Excerpts from a dataset
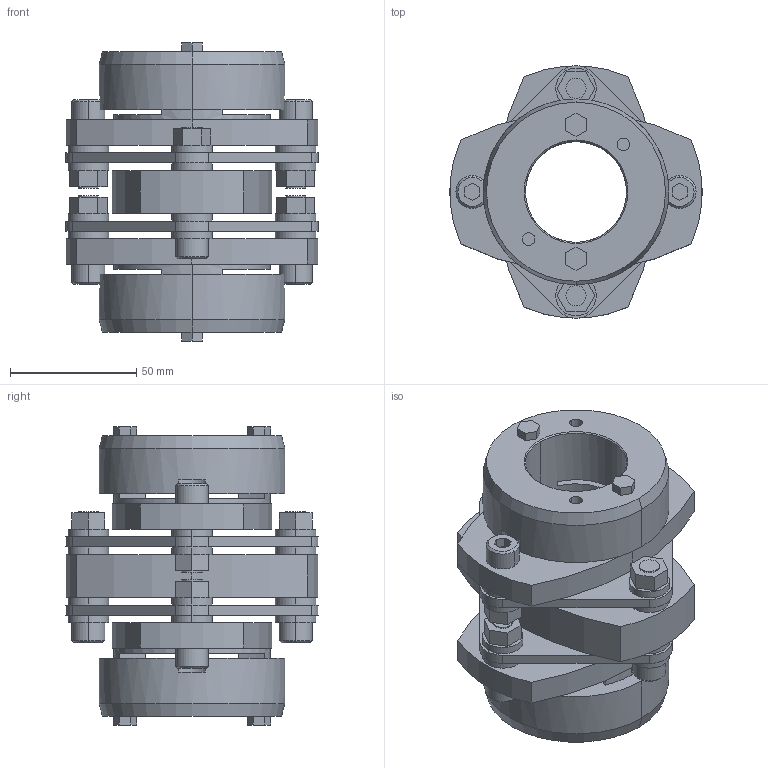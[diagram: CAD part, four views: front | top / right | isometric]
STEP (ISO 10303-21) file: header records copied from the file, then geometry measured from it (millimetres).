
FILE_DESCRIPTION((''),'2;1');
FILE_NAME('LCD-100T7-40×40.stp','2011-09-09T09:07:53',(''),(''),'AutoCAD STEP 2000i','AutoCAD 2000i',', , ');
FILE_SCHEMA(('CONFIG_CONTROL_DESIGN'));
Length unit declared in the file: millimetre
Products named in the file (10): LCD-100T7-38×38; 忣兜1; LC100T7-T038-1; LC100T7-T038; LC100T7-T035; LC100T7-T030; LC100T7-T025; LC100T7-T022-1; LC100T7-T022; LCD100-ITA
Assembly tree (9 placements, depth 2):
  LCD-100T7-38×38
    忣兜1
    LC100T7-T038-1
    LC100T7-T038
    LC100T7-T035
    LC100T7-T030
    LC100T7-T025
    LC100T7-T022-1
    LC100T7-T022
    LCD100-ITA
Bounding box: 100 x 99.93 x 118 mm (x, y, z)
Volume: 350502.3 mm3; surface area: 91784.1 mm2
Topology: 1 solids, 1 shells, 314 faces, 768 edges, 504 vertices
Faces by surface type: plane 166, cylinder 124, cone 24
Entity records: 9569 total; most frequent: DIRECTION 1712, CARTESIAN_POINT 1596, ORIENTED_EDGE 1536, EDGE_CURVE 768, AXIS2_PLACEMENT_3D 620, VERTEX_POINT 504, VECTOR 472, LINE 472

» **GOAL OF THE EXERCISE**: Lines from the entries that contain the string "STEP" are what must be copied.

» **EXERCISE ANSWER**:
STEP (ISO 10303-21) file: header records copied from the file, then geometry measured from it (millimetres).
FILE_NAME('LCD-100T7-40×40.stp','2011-09-09T09:07:53',(''),(''),'AutoCAD STEP 2000i','AutoCAD 2000i',', , ');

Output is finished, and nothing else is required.